Another prepared database was a database of human introns. Initially, the complete human genome sequences were downloaded from the websites of the National Institutes of Health, Unites States of America (USA). Human DNA was divided into 23 separate sets. Then the human genomic sequences were searched for the presence of repeated sequences and a sequence of low complexity using Repeatmasker programme. This way the amount of data was reduced to about 40 %. The extracted human genome sequences were compared using the Blast database against Pfam protein families to find potential new unknown protein-coding region. Using the database of protein families, instead of representatives of all possible sequences reduced the number of calculations needed to identify known proteins. For comparison the nucleotide sequences was derived from Pfam using TBlastn programme of Blast package. This comparison also helped to identify the location of introns in newly created database. The resulting database contained 8350 human introns sequences.

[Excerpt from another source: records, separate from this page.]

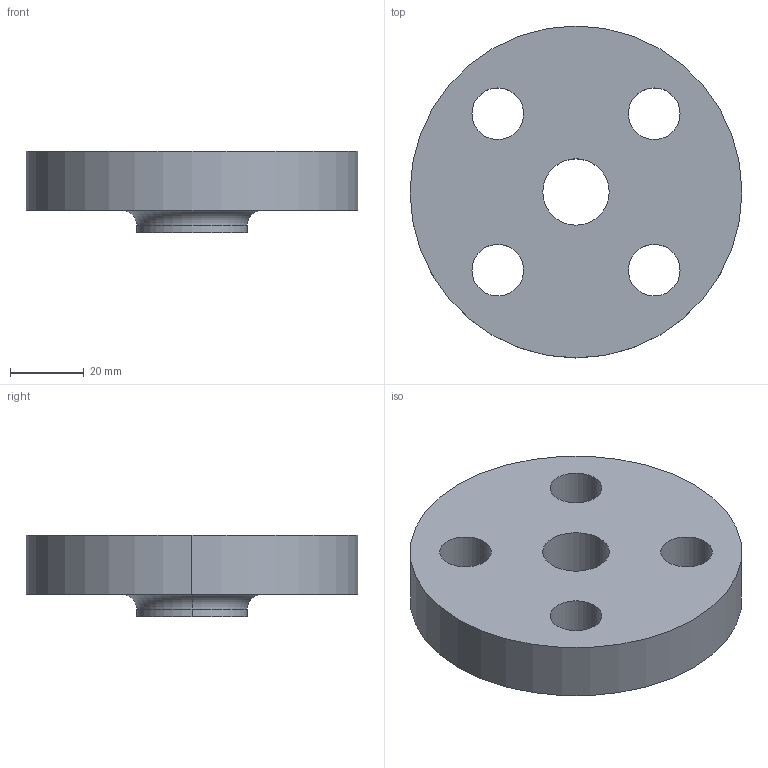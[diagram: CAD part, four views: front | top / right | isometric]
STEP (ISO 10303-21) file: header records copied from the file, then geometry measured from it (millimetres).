
FILE_DESCRIPTION (( 'STEP AP214' ), '1' );
FILE_NAME ('PN40 DN10 Type 12 - Type A Face.STEP', '2018-12-29T04:03:04', ( '' ), ( '' ), 'SwSTEP 2.0', 'SolidWorks 2019', '' );
FILE_SCHEMA (( 'AUTOMOTIVE_DESIGN' ));
Length unit declared in the file: millimetre
Products named in the file (1): PN40 DN10 Type 12 - Type A Face
Bounding box: 90 x 90 x 22 mm (x, y, z)
Volume: 90921.3 mm3; surface area: 19976.6 mm2
Topology: 1 solids, 1 shells, 19 faces, 46 edges, 30 vertices
Faces by surface type: cylinder 14, plane 3, torus 2
Entity records: 630 total; most frequent: DIRECTION 118, CARTESIAN_POINT 96, ORIENTED_EDGE 92, AXIS2_PLACEMENT_3D 52, EDGE_CURVE 46, CIRCLE 32, VERTEX_POINT 30, EDGE_LOOP 30
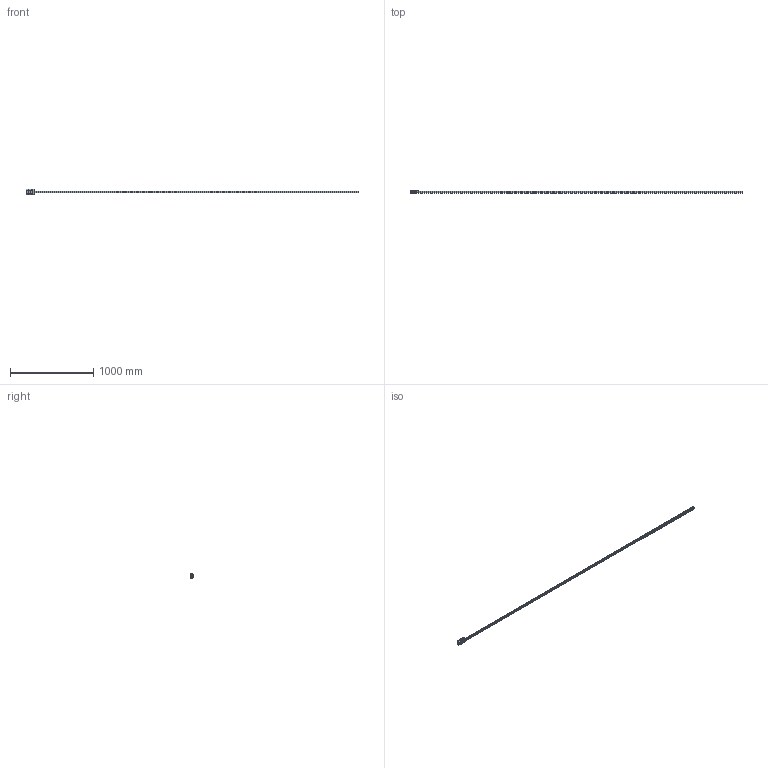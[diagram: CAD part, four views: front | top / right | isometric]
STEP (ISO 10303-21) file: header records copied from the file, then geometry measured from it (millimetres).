
FILE_DESCRIPTION( ( 'STEP AP203' ), '1' );
FILE_NAME( 'p:/temp/worker_9/temp/exporttempdir_1712_371_rjPSP/format_0/FDA20 84441A_4000-0.stp', '2021-02-04T01:46:04', ( 'License CC BY-ND 4.0' ), ( 'CADENAS' ), ' ', 'PARTsolutions', ' ' );
FILE_SCHEMA( ( 'CONFIG_CONTROL_DESIGN' ) );
Length unit declared in the file: millimetre
Products named in the file (3): FDA20 84441A_4000-0; _FD_20K-4000-0; _FD_20K Rollenhalter
Assembly tree (2 placements, depth 2):
  FDA20 84441A_4000-0
    _FD_20K-4000-0
    _FD_20K Rollenhalter
Bounding box: 4000 x 30 x 63 mm (x, y, z)
Volume: 1542562.8 mm3; surface area: 492654.6 mm2
Topology: 2 solids, 2 shells, 710 faces, 1866 edges, 1260 vertices
Faces by surface type: plane 393, cylinder 306, torus 8, cone 3
Full cylindrical faces by diameter (mm): 3.25 x1, 4.917 x4, 5.5 x67, 6.6 x4, 8.5 x8, 10 x75
Entity records: 20995 total; most frequent: DIRECTION 3657, CARTESIAN_POINT 3579, ORIENTED_EDGE 3242, EDGE_CURVE 1621, AXIS2_PLACEMENT_3D 1334, VERTEX_POINT 1182, EDGE_LOOP 1121, LINE 989

In order to detect non-coding snoRNAs new search algorithm has been introduced. In the first step of algorithm sequences are tested in for the presence of conserved elements H and ACA. Then the presence of conserved secondary structure is checked by RNAMotif. In the next stage, pseudo-energy test is performed to check the strength of evaporation in the inner loops and the ability to interact with other elements of secondary structure. The last step is to find the possible effects of antisense pseudouridylation in pseudouridylation database. Secondary structure motif used to search for snoRNAs was created by analysing topology of experimentally identified snoRNAs from previously created database. For secondary structure analysis mFOLD programme was used.

Using this methodology more than 10 000 candidates for snoRNAs of H/ACA type has been detected. The cross search against known pseudouridylation site resulted in eight new candidates for snoRNAs in the human genome, each of them located in intron regions of protein coding sequences. It is interesting that with the exception of one all candidates are located very close to the telomeric regions and centromeres.

The total number of known human pseudouridylation sites both 28S and 18S rRNA is 182 and 28 respectively are known experimentally identified snoRNAs. Assuming that all snoRNAs found in this study were correctly identified there are still from 18 to 36 unidentified snoRNA. This also may be explained by different - not yet discovered pseudouridylation mechanism.